Please filter the entries for the word "name" and copy every line that has it.

[Material for this task Boundary: Start]

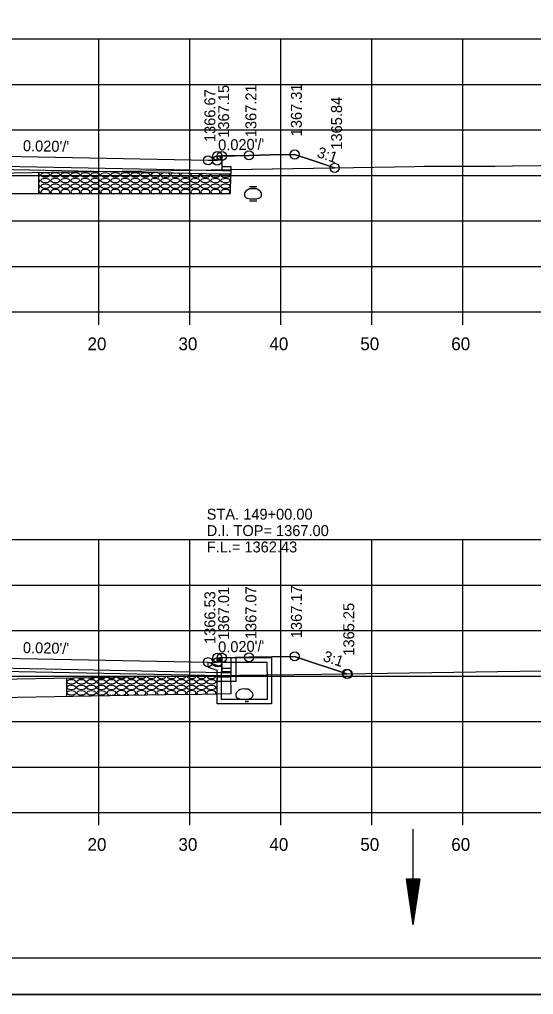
# Model space of a CAD drawing. Extents: x 1374311 to 1383814, y 384102 to 406278.
# Drawn here: x 1381639.9 to 1381696.4, y 391364.8 to 391471.9 of the extents above; entities that cross this region are included whole.
import ezdxf

# ---------------------------------------------------------------- set-up
doc = ezdxf.new("R2010")
doc.units = 0
for name, color, linetype in [('R_Axis', 7, 'Continuous'), ('R_Axis Annot', 7, 'Continuous'), ('R_Border', 7, 'Continuous'), ('R_Draft', 7, 'Continuous'), ('R_Exist Surface', 7, 'Continuous'), ('R_Fin Surface', 7, 'Continuous'), ('R_Grid', 7, 'Continuous'), ('R_No Plot', 7, 'Continuous'), ('R_Water', 7, 'Continuous'), ('R_Water Annot', 7, 'Continuous'), ('R_Xsect Elev', 7, 'Continuous'), ('R_Xsect Slope', 7, 'Continuous')]:
    doc.layers.add(name, color=color, linetype=linetype)

msp = doc.modelspace()

# ---------------------------------------------------------------- linework, layer by layer
at = {"layer": 'R_Axis'}
for p, q in [((1381488.66, 391439.74), (1381768.66, 391439.74)), ((1381648.66, 391438.34), (1381648.66, 391439.74)), ((1381658.66, 391438.34), (1381658.66, 391439.74)), ((1381668.66, 391438.34), (1381668.66, 391439.74)), ((1381678.66, 391438.34), (1381678.66, 391439.74)), ((1381688.66, 391438.34), (1381688.66, 391439.74)), ((1381488.66, 391384.74), (1381768.66, 391384.74)), ((1381648.66, 391383.34), (1381648.66, 391384.74)), ((1381658.66, 391383.34), (1381658.66, 391384.74)), ((1381668.66, 391383.34), (1381668.66, 391384.74)), ((1381678.66, 391383.34), (1381678.66, 391384.74)), ((1381688.66, 391383.34), (1381688.66, 391384.74))]:
    msp.add_line(p, q, dxfattribs=at)
at = {"layer": 'R_Border'}
msp.add_line((1381786.84, 391368.74), (1381470.66, 391368.74), dxfattribs=at)
at = {"layer": 'R_Draft'}
for p, q in [((1381682.43, 391377.42), (1381683.18, 391372.42)), ((1381683.93, 391377.42), (1381682.43, 391377.42)), ((1381682.56, 391377.42), (1381683.18, 391373.25)), ((1381682.68, 391377.42), (1381683.18, 391374.11)), ((1381682.81, 391377.42), (1381683.18, 391374.94)), ((1381682.94, 391377.42), (1381683.18, 391375.79)), ((1381683.06, 391377.42), (1381683.18, 391376.63)), ((1381683.93, 391377.42), (1381683.18, 391372.42)), ((1381683.42, 391377.42), (1381683.18, 391375.79)), ((1381683.68, 391377.42), (1381683.18, 391374.11)), ((1381683.81, 391377.42), (1381683.18, 391373.25)), ((1381683.55, 391377.42), (1381683.18, 391374.94)), ((1381683.3, 391377.42), (1381683.18, 391376.63))]:
    msp.add_line(p, q, dxfattribs=at)
for centre, radius, start, end in [((1381665.09, 391452.66), 0.438, 136.3515, 253.9529), ((1381665.6, 391452.17), 1.15, 43.6485, 136.3515), ((1381666.11, 391452.66), 0.438, 286.0471, 43.6485), ((1381665.6, 391454.44), 2.29, 253.9529, 286.0471), ((1381664.14, 391397.68), 0.438, 136.3515, 253.9529), ((1381664.65, 391397.19), 1.15, 43.6485, 136.3515), ((1381665.17, 391397.68), 0.438, 286.0471, 43.6485), ((1381664.65, 391399.46), 2.29, 253.9529, 286.0471)]:
    msp.add_arc(centre, radius, start, end, dxfattribs=at)
at = {"layer": 'R_Exist Surface'}
for p, q in [((1381665.23, 391453.53), (1381666.02, 391453.52)), ((1381665.23, 391451.95), (1381666.02, 391451.94)), ((1381664.73, 391396.96), (1381665.11, 391396.95))]:
    msp.add_line(p, q, dxfattribs=at)
for points in [[(1381559.74, 391452.62), (1381573.99, 391454.36), (1381575.4, 391454.36), (1381576.5, 391454.37), (1381590.51, 391454.48), (1381603.46, 391454.58), (1381605.2, 391454.59), (1381608.1, 391454.61), (1381615.77, 391454.74), (1381621.68, 391454.81), (1381630.21, 391454.93), (1381637.25, 391454.98), (1381643.34, 391455.11), (1381653.76, 391455.26), (1381656.57, 391455.29), (1381658.85, 391455.32), (1381683.36, 391455.73), (1381684.37, 391455.74), (1381692.19, 391455.77), (1381694.13, 391455.81), (1381706.41, 391455.95)], [(1381570.44, 391398.47), (1381574.42, 391398.46), (1381589.58, 391398.95), (1381591.76, 391398.74), (1381596.26, 391398.17), (1381598.15, 391398.32), (1381598.98, 391399.25), (1381613.79, 391399.74), (1381615.11, 391399.79), (1381620.09, 391399.77), (1381625.2, 391399.68), (1381632.44, 391399.29), (1381633.02, 391399.3), (1381633.51, 391399.32), (1381635.56, 391399.36), (1381655.94, 391399.73), (1381659.94, 391399.76), (1381664.06, 391399.82), (1381673.13, 391399.94), (1381694.93, 391400.26), (1381702.66, 391400.35)]]:
    msp.add_lwpolyline(points, dxfattribs=at)
at = {"layer": 'R_Fin Surface'}
for p, q in [((1381642.02, 391455.08), (1381642.02, 391452.74)), ((1381645.1, 391399.53), (1381645.1, 391397.53))]:
    msp.add_line(p, q, dxfattribs=at)
for points in [[(1381662.17, 391456.52), (1381662.18, 391455.37), (1381663.18, 391455.37), (1381663.17, 391454.87), (1381662.17, 391454.89), (1381628.66, 391455.56), (1381595.15, 391456.16), (1381594.15, 391456.18), (1381594.16, 391456.68), (1381595.16, 391456.65), (1381595.15, 391457.74)], [(1381628.66, 391457.04), (1381643.89, 391456.74), (1381660.66, 391456.4), (1381661.13, 391456.4), (1381661.66, 391456.38), (1381661.67, 391456.62), (1381661.67, 391456.88), (1381661.94, 391456.88), (1381662.17, 391456.88), (1381663.59, 391456.91), (1381665.17, 391456.94), (1381667.53, 391456.99), (1381670.17, 391457.04), (1381672.19, 391456.37), (1381674.59, 391455.57)], [(1381594.08, 391454.51), (1381594.08, 391452.74), (1381663.13, 391452.74), (1381663.17, 391454.87)], [(1381573.67, 391398.46), (1381587.15, 391402.95), (1381592.15, 391402.85), (1381595.15, 391402.79), (1381595.65, 391402.79), (1381595.66, 391402.29), (1381596.66, 391402.31), (1381628.66, 391401.9), (1381660.66, 391401.26), (1381661.66, 391401.24), (1381661.67, 391401.74), (1381662.17, 391401.74), (1381665.17, 391401.8), (1381670.17, 391401.9), (1381675.93, 391399.98)], [(1381662.17, 391401.38), (1381662.18, 391400.23), (1381663.18, 391400.23), (1381663.17, 391399.73), (1381662.17, 391399.75), (1381628.66, 391400.42), (1381595.15, 391400.89), (1381594.15, 391400.91), (1381594.16, 391401.41), (1381595.16, 391401.38), (1381595.15, 391402.48)], [(1381594.06, 391398.44), (1381594.07, 391397.09), (1381613.86, 391397.75), (1381615.14, 391397.79), (1381620.07, 391397.77), (1381625.13, 391397.68), (1381632.41, 391397.29), (1381633.09, 391397.3), (1381633.57, 391397.32), (1381635.6, 391397.36), (1381655.97, 391397.73), (1381659.96, 391397.76), (1381663.21, 391397.81), (1381663.17, 391399.73)]]:
    msp.add_lwpolyline(points, dxfattribs=at)
for centre, start_param, end_param in [((1381641.66, 391454.79), 5.506406, 7.059965), ((1381646.07, 391455.41), 4.548724, 4.931461), ((1381647.17, 391455.41), 4.339441, 5.140744), ((1381648.27, 391455.41), 4.267711, 5.079843), ((1381654.87, 391454.79), 1.829771, 7.517782), ((1381655.97, 391454.79), 2.045494, 7.302059), ((1381657.07, 391454.79), 2.198343, 7.14921), ((1381658.17, 391454.79), 2.325792, 7.021762), ((1381659.27, 391454.79), 2.438875, 6.908679), ((1381660.37, 391454.79), 2.54269, 6.804864), ((1381661.47, 391454.79), 2.64012, 6.707434), ((1381662.57, 391454.79), 2.733011, 6.614542), ((1381641.66, 391454.17), 5.506406, 7.059965), ((1381641.66, 391453.55), 5.506406, 7.059965), ((1381641.66, 391452.93), 5.506406, 7.059965), ((1381642.76, 391452.93), 5.41975, 10.288213), ((1381643.87, 391452.93), 5.41975, 10.288213), ((1381644.97, 391452.93), 5.41975, 10.288213), ((1381646.07, 391452.93), 5.41975, 10.288213), ((1381647.17, 391452.93), 5.41975, 10.288213), ((1381648.27, 391452.93), 5.41975, 10.288213), ((1381649.37, 391452.93), 5.41975, 10.288213), ((1381650.47, 391452.93), 5.41975, 10.288213), ((1381651.57, 391452.93), 5.41975, 10.288213), ((1381652.67, 391452.93), 5.41975, 10.288213), ((1381653.77, 391452.93), 5.41975, 10.288213), ((1381654.87, 391452.93), 5.41975, 10.288213), ((1381655.97, 391452.93), 5.41975, 10.288213), ((1381657.07, 391452.93), 5.41975, 10.288213), ((1381658.17, 391452.93), 5.41975, 10.288213), ((1381659.27, 391452.93), 5.41975, 10.288213), ((1381660.37, 391452.93), 5.41975, 10.288213), ((1381661.47, 391452.93), 5.41975, 10.288213), ((1381662.57, 391452.93), 5.41975, 10.288213), ((1381645.63, 391399.73), 4.001346, 5.493252), ((1381646.73, 391399.73), 3.894207, 5.600391), ((1381647.83, 391399.73), 3.796303, 5.698295), ((1381648.93, 391399.73), 3.704829, 5.78977), ((1381650.03, 391399.73), 3.618011, 5.876587), ((1381651.13, 391399.73), 3.534628, 5.95997), ((1381652.23, 391399.73), 3.453777, 6.040822), ((1381653.33, 391399.73), 3.374749, 6.119849), ((1381654.43, 391399.73), 3.29696, 6.197639), ((1381655.53, 391399.73), 3.219898, 6.271446), ((1381656.63, 391399.73), 3.150088, 6.307116), ((1381657.73, 391399.73), 3.114409, 6.300849), ((1381657.73, 391399.73), 0.017664, 0.059611), ((1381658.83, 391399.73), 3.078673, 6.363554), ((1381658.83, 391399.73), 0.080369, 0.095346), ((1381659.93, 391399.73), 3.042836, 6.414368), ((1381659.93, 391399.73), 0.131183, 0.143279), ((1381661.03, 391399.73), 2.991936, 6.398491), ((1381662.13, 391399.11), 2.832405, 3.45078), ((1381662.13, 391399.73), 3.034539, 3.45078), ((1381650.03, 391397.88), 4.881698, 10.318639), ((1381650.03, 391397.88), 4.035454, 4.6129), ((1381651.13, 391397.88), 5.164572, 10.264554), ((1381651.13, 391397.88), 3.981369, 4.330026), ((1381652.23, 391397.88), 5.325563, 10.21346), ((1381652.23, 391397.88), 3.930275, 4.169036), ((1381653.33, 391397.88), 5.453815, 10.164794), ((1381653.33, 391397.88), 3.881609, 4.040784), ((1381654.43, 391397.88), 5.565077, 10.118139), ((1381654.43, 391397.88), 3.834954, 3.929521), ((1381655.53, 391397.88), 5.66574, 10.073173), ((1381655.53, 391397.88), 3.789988, 3.828858), ((1381656.63, 391397.88), 1.325946, 3.746458), ((1381656.63, 391397.88), 5.710747, 7.609131), ((1381657.73, 391397.88), 5.753046, 9.930366), ((1381657.73, 391397.88), 3.647181, 3.704158), ((1381658.83, 391397.88), 5.794284, 9.845926), ((1381658.83, 391397.88), 3.562741, 3.66292), ((1381659.93, 391397.88), 5.846214, 9.764299), ((1381659.93, 391397.88), 3.481114, 3.622603), ((1381661.03, 391397.88), 5.915217, 9.68472), ((1381661.03, 391397.88), 3.401535, 3.566553), ((1381662.13, 391398.49), 2.832405, 3.45078), ((1381662.13, 391397.88), 2.832405, 3.45078)]:
    msp.add_ellipse(centre, major_axis=(0.5, 0), ratio=0.517889, start_param=start_param, end_param=end_param, dxfattribs=at)
for centre in [(1381642.76, 391454.79), (1381643.87, 391454.79), (1381644.97, 391454.79), (1381646.07, 391454.79), (1381647.17, 391454.79), (1381648.27, 391454.79), (1381649.37, 391454.79), (1381650.47, 391454.79), (1381651.57, 391454.79), (1381652.67, 391454.79), (1381653.77, 391454.79), (1381642.76, 391454.17), (1381642.76, 391453.55), (1381643.87, 391454.17), (1381643.87, 391453.55), (1381644.97, 391454.17), (1381644.97, 391453.55), (1381646.07, 391454.17), (1381646.07, 391453.55), (1381647.17, 391454.17), (1381647.17, 391453.55), (1381648.27, 391454.17), (1381648.27, 391453.55), (1381649.37, 391454.17), (1381649.37, 391453.55), (1381650.47, 391454.17), (1381650.47, 391453.55), (1381651.57, 391454.17), (1381651.57, 391453.55), (1381652.67, 391454.17), (1381652.67, 391453.55), (1381653.77, 391454.17), (1381653.77, 391453.55), (1381654.87, 391454.17), (1381654.87, 391453.55), (1381655.97, 391454.17), (1381655.97, 391453.55), (1381657.07, 391454.17), (1381657.07, 391453.55), (1381658.17, 391454.17), (1381658.17, 391453.55), (1381659.27, 391454.17), (1381659.27, 391453.55), (1381660.37, 391454.17), (1381660.37, 391453.55), (1381661.47, 391454.17), (1381661.47, 391453.55), (1381662.57, 391454.17), (1381662.57, 391453.55), (1381645.63, 391399.11), (1381645.63, 391398.49), (1381646.73, 391399.11), (1381646.73, 391398.49), (1381647.83, 391399.11), (1381647.83, 391398.49), (1381648.93, 391399.11), (1381648.93, 391398.49), (1381650.03, 391399.11), (1381650.03, 391398.49), (1381651.13, 391399.11), (1381651.13, 391398.49), (1381652.23, 391399.11), (1381652.23, 391398.49), (1381653.33, 391399.11), (1381653.33, 391398.49), (1381654.43, 391399.11), (1381654.43, 391398.49), (1381655.53, 391399.11), (1381655.53, 391398.49), (1381656.63, 391399.11), (1381656.63, 391398.49), (1381657.73, 391399.11), (1381657.73, 391398.49), (1381658.83, 391399.11), (1381658.83, 391398.49), (1381659.93, 391399.11), (1381659.93, 391398.49), (1381661.03, 391399.11), (1381661.03, 391398.49), (1381645.63, 391397.88), (1381646.73, 391397.88), (1381647.83, 391397.88), (1381648.93, 391397.88)]:
    msp.add_ellipse(centre, major_axis=(0.5, 0), ratio=0.517889, dxfattribs=at)
at = {"layer": 'R_Grid'}
for p, q in [((1381488.66, 391469.74), (1381768.66, 391469.74)), ((1381648.66, 391439.74), (1381648.66, 391469.74)), ((1381658.66, 391439.74), (1381658.66, 391469.74)), ((1381668.66, 391439.74), (1381668.66, 391469.74)), ((1381678.66, 391439.74), (1381678.66, 391469.74)), ((1381688.66, 391439.74), (1381688.66, 391469.74)), ((1381488.66, 391464.74), (1381768.66, 391464.74)), ((1381488.66, 391459.74), (1381768.66, 391459.74)), ((1381488.66, 391454.74), (1381768.66, 391454.74)), ((1381488.66, 391449.74), (1381768.66, 391449.74)), ((1381488.66, 391444.74), (1381768.66, 391444.74)), ((1381488.66, 391439.74), (1381768.66, 391439.74)), ((1381488.66, 391414.74), (1381768.66, 391414.74)), ((1381648.66, 391384.74), (1381648.66, 391414.74)), ((1381658.66, 391384.74), (1381658.66, 391414.74)), ((1381668.66, 391384.74), (1381668.66, 391414.74)), ((1381678.66, 391384.74), (1381678.66, 391414.74)), ((1381688.66, 391384.74), (1381688.66, 391414.74)), ((1381488.66, 391409.74), (1381768.66, 391409.74)), ((1381488.66, 391404.74), (1381768.66, 391404.74)), ((1381488.66, 391399.74), (1381768.66, 391399.74)), ((1381488.66, 391394.74), (1381768.66, 391394.74)), ((1381488.66, 391389.74), (1381768.66, 391389.74)), ((1381488.66, 391384.74), (1381768.66, 391384.74))]:
    msp.add_line(p, q, dxfattribs=at)
at = {"layer": 'R_No Plot'}
msp.add_line((1381458.26, 391364.76), (1381791.59, 391364.76), dxfattribs=at)
for points in [[(1381458.25, 391578.09), (1381791.59, 391578.09), (1381791.59, 391364.75), (1381458.25, 391364.75)], [(1381704.58, 391574.2), (1381704.58, 391564.32), (1381740.31, 391564.32), (1381740.31, 391561.4), (1381763.51, 391561.4), (1381763.51, 391538.18), (1381786.84, 391538.18), (1381786.84, 391368.74), (1381470.66, 391368.74), (1381470.66, 391574.2)], [(1381663.18, 391455.39), (1381674.57, 391455.58), (1381672.19, 391456.37), (1381670.17, 391457.04), (1381667.53, 391456.99), (1381665.17, 391456.94), (1381663.59, 391456.91), (1381662.17, 391456.88), (1381662.18, 391455.73), (1381663.18, 391455.73)], [(1381658.72, 391455.32), (1381658.85, 391455.32), (1381663.18, 391455.39), (1381663.17, 391455.23), (1381662.17, 391455.25)]]:
    msp.add_lwpolyline(points, close=True, dxfattribs=at)
for points in [[(1381637.25, 391454.98), (1381643.34, 391455.11), (1381653.76, 391455.26), (1381656.57, 391455.29), (1381658.72, 391455.32), (1381628.66, 391455.92)], [(1381635.56, 391399.36), (1381655.94, 391399.73), (1381659.94, 391399.76), (1381664.06, 391399.82), (1381673.13, 391399.94), (1381675.93, 391399.98), (1381670.17, 391401.9), (1381665.17, 391401.8), (1381662.17, 391401.74), (1381662.18, 391400.59), (1381663.18, 391400.59), (1381663.17, 391400.09), (1381662.17, 391400.11), (1381628.66, 391400.78)]]:
    msp.add_lwpolyline(points, dxfattribs=at)
for centre in [(1381660.66, 391456.4), (1381660.66, 391456.4), (1381660.66, 391456.4), (1381661.66, 391456.38), (1381661.67, 391456.88), (1381661.67, 391456.88), (1381661.67, 391456.88), (1381662.17, 391456.88), (1381662.17, 391456.88), (1381662.17, 391456.88), (1381665.17, 391456.94), (1381665.17, 391456.94), (1381665.17, 391456.94), (1381670.17, 391457.04), (1381670.17, 391457.04), (1381670.17, 391457.04), (1381674.58, 391455.57), (1381674.59, 391455.57), (1381674.59, 391455.57), (1381661.67, 391401.74), (1381661.67, 391401.74), (1381661.67, 391401.74), (1381662.17, 391401.74), (1381662.17, 391401.74), (1381662.17, 391401.74), (1381665.17, 391401.8), (1381665.17, 391401.8), (1381665.17, 391401.8), (1381670.17, 391401.9), (1381670.17, 391401.9), (1381670.17, 391401.9), (1381660.66, 391401.26), (1381660.66, 391401.26), (1381660.66, 391401.26), (1381661.66, 391401.24), (1381675.93, 391399.98), (1381675.93, 391399.98), (1381676, 391399.96)]:
    msp.add_circle(centre, 0.5, dxfattribs=at)
at = {"layer": 'R_Water'}
for p, q in [((1381665.23, 391453.32), (1381666.02, 391453.31)), ((1381665.23, 391452.16), (1381666.02, 391452.14)), ((1381660.66, 391401.26), (1381662.16, 391400.74)), ((1381661.82, 391401.58), (1381661.91, 391401.74)), ((1381661.82, 391401.58), (1381662.16, 391401.24)), ((1381667.66, 391401.74), (1381661.91, 391401.74)), ((1381667.16, 391401.24), (1381662.16, 391401.24)), ((1381667.16, 391400.24), (1381667.16, 391401.24)), ((1381667.66, 391400.24), (1381667.66, 391401.74)), ((1381660.66, 391400.73), (1381661.66, 391400.38)), ((1381661.66, 391400.24), (1381661.66, 391400.38)), ((1381662.16, 391400.24), (1381662.16, 391400.74)), ((1381664.73, 391398.33), (1381665.11, 391398.33)), ((1381664.73, 391397.17), (1381665.11, 391397.16)), ((1381683.18, 391382.92), (1381683.18, 391372.42))]:
    msp.add_line(p, q, dxfattribs=at)
for points in [[(1381660.66, 391400.73), (1381660.66, 391401.26)], [(1381663.71, 391401.68), (1381663.71, 391399.15), (1381661.71, 391399.15), (1381661.71, 391399.65), (1381663.21, 391399.65), (1381663.21, 391401.67)], [(1381667.65, 391400.24), (1381667.65, 391396.67), (1381664.65, 391396.67), (1381661.65, 391396.67), (1381661.65, 391400.24)], [(1381667.15, 391400.24), (1381667.15, 391397.17), (1381664.65, 391397.17), (1381662.15, 391397.17), (1381662.15, 391400.24)]]:
    msp.add_lwpolyline(points, dxfattribs=at)

# ---------------------------------------------------------------- texts
at = {"layer": 'R_Axis Annot'}
for s, p in [('20', (1381647.4, 391435.54)), ('30', (1381657.4, 391435.54)), ('40', (1381667.4, 391435.54)), ('50', (1381677.4, 391435.54)), ('60', (1381687.4, 391435.54)), ('20', (1381647.4, 391380.54)), ('30', (1381657.4, 391380.54)), ('40', (1381667.4, 391380.54)), ('50', (1381677.4, 391380.54)), ('60', (1381687.4, 391380.54))]:
    msp.add_text(s, height=1.4, dxfattribs=at).set_placement(p)
at = {"layer": 'R_Water Annot'}
for s, p in [('STA. 149+00.00', (1381660.51, 391416.92)), ('D.I. TOP= 1367.00', (1381660.51, 391415.12)), ('F.L.= 1362.43', (1381660.51, 391413.32))]:
    msp.add_text(s, height=1.2, dxfattribs=at).set_placement(p)
at = {"layer": 'R_Xsect Elev'}
for s, p in [('1366.67', (1381661.46, 391458.4)), ('1367.15', (1381662.97, 391458.88)), ('1367.21', (1381665.97, 391458.94)), ('1367.31', (1381670.97, 391459.04)), ('1365.84', (1381675.39, 391457.57)), ('1367.01', (1381662.97, 391403.74)), ('1367.07', (1381665.97, 391403.8)), ('1367.17', (1381670.97, 391403.9)), ('1366.53', (1381661.46, 391403.26)), ('1365.25', (1381676.73, 391401.98))]:
    msp.add_text(s, height=1.2, rotation=90, dxfattribs=at).set_placement(p)
at = {"layer": 'R_Xsect Slope'}
for s, rotation, p in [("0.020'/'", 1.1458, (1381661.78, 391457.48)), ("0.020'/'", 358.8542, (1381640.29, 391457.41)), ('3:1', 341.565, (1381672.54, 391456.78)), ("0.020'/'", 358.8542, (1381640.29, 391402.27)), ("0.020'/'", 1.1458, (1381661.78, 391402.33)), ('3:1', 341.5651, (1381673.21, 391401.42))]:
    msp.add_text(s, height=1.2, rotation=rotation, dxfattribs=at).set_placement(p)

doc.saveas('drawing.dxf')

[Material for this task Boundary: End]

Exercise response:
for name, color, linetype in [('R_Axis', 7, 'Continuous'), ('R_Axis Annot', 7, 'Continuous'), ('R_Border', 7, 'Continuous'), ('R_Draft', 7, 'Continuous'), ('R_Exist Surface', 7, 'Continuous'), ('R_Fin Surface', 7, 'Continuous'), ('R_Grid', 7, 'Continuous'), ('R_No Plot', 7, 'Continuous'), ('R_Water', 7, 'Continuous'), ('R_Water Annot', 7, 'Continuous'), ('R_Xsect Elev', 7, 'Continuous'), ('R_Xsect Slope', 7, 'Continuous')]:
    doc.layers.add(name, color=color, linetype=linetype)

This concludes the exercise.